Fully 30 percent of the U.S. workforce--more than 40 million people--make less than $8 an hour. About the only way to provide for a family at that wage is long hours--10- to 12-hour shifts, often without breaks, or multiple jobs.

Then there's the problem of housing. When you can't make enough money to save for a deposit on an apartment, Ehrenreich found, then you end up spending more to rent week to week, or day to day.

No wonder one out of five homeless people works a full- or part-time job, according to the National Coalition for the Homeless--and two-thirds of adults who request emergency food aid are employed, according to the U.S. Conference of Mayors.

Then there are the abusive managers, the often unsafe conditions, and the dirty, unhealthy, monotonous grind of a rotten job.
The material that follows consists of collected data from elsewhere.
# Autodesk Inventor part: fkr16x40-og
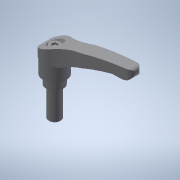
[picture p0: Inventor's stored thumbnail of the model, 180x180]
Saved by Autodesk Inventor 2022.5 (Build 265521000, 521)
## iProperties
Created: 2017-09
Part Number: fkr16x40-og
Material: 一般
Document SubType Name: Modeling
Designer: imaocorp
Density: 1 g/cm^3
Appearance: 既定
Author: imaocorp
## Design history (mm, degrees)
node "fkr16x40-og.x_t1"
node "fkr16x40-og"
node "Base1"
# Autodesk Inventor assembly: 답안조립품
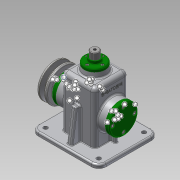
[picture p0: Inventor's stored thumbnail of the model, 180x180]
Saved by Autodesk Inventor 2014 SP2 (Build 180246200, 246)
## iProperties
Created: 2016-08
Part Number: 답안조립품
Document SubType Name: Assembly
Designer: user
Author: user
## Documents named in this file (19)
- C:\Users\user\Desktop\460820V1017\답안조립품.iam
- C:\Users\user\Desktop\460820V1017\본체.ipt
- C:\Users\user\Desktop\460820V1017\V-벨트풀리.ipt
- C:\Users\user\Desktop\460820V1017\고정핀.ipt
- C:\Users\user\Desktop\460820V1017\뒤커버.ipt
- C:\Users\user\Desktop\460820V1017\링크.ipt
- C:\Users\user\Desktop\460820V1017\멈춤링 6 x 5.ipt
- C:\Users\user\Desktop\460820V1017\멈춤링 15 x 1.ipt
- C:\Users\user\Desktop\460820V1017\베어링 15 x 35 x 11.ipt
- C:\Users\user\Desktop\460820V1017\볼트 M3 x 8.ipt
- C:\Users\user\Desktop\460820V1017\볼트 M4 x 10.ipt
- C:\Users\user\Desktop\460820V1017\볼트 M6 x 12.ipt
- C:\Users\user\Desktop\460820V1017\상부부시.ipt
- C:\Users\user\Desktop\460820V1017\슬라이드바.ipt
- C:\Users\user\Desktop\460820V1017\앞커버.ipt
- C:\Users\user\Desktop\460820V1017\오일실 15 25 7.ipt
- C:\Users\user\Desktop\460820V1017\와셔.ipt
- C:\Users\user\Desktop\460820V1017\키 5 x 5 x 14.ipt
- C:\Users\user\Desktop\460820V1017\편심축.ipt
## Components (15 placed, 5 different names)
1. V-벨트풀리:1 — 각도:1, 구동
2. 고정핀:1
3. ISO 4018 M6 x 12:1 — 각도:2
4. ISO 4762 M3 x 8:1 — 강체:3
5. ISO 4762 M3 x 8:2
6. ISO 4762 M3 x 8:3
7. ISO 4762 M3 x 8:4
8. ISO 4762 M4 x 10:1 — 강체:2
9. ISO 4762 M4 x 10:3
10. ISO 4762 M4 x 10:4
11. ISO 4762 M4 x 10:5
12. ISO 4762 M4 x 10:2 — 강체:1
13. ISO 4762 M4 x 10:6
14. ISO 4762 M4 x 10:7
15. ISO 4762 M4 x 10:8
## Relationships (6: Angle 3, WeldJoint 3)
- 각도:1 [Angle]: V-벨트풀리:1
- 각도:2 [Angle]: ISO 4018 M6 x 12:1
- 강체:1 [WeldJoint]: ISO 4762 M4 x 10:2
- 강체:2 [WeldJoint]: ISO 4762 M4 x 10:1
- 강체:3 [WeldJoint]: ISO 4762 M3 x 8:1
- 구동 [Angle]: V-벨트풀리:1

In a just world, people in these jobs would be paid more than anyone else, not less. But you won't hear this from Phil Gramm or George W. Bush or any of the other politicians in Washington.

They want to give away the federal government's surplus in tax cuts for the "successful"--even though they know this will strangle government programs for the not-so-successful in the years to come.

What a sick system! That's why we have to organize for a living wage for all workers--now!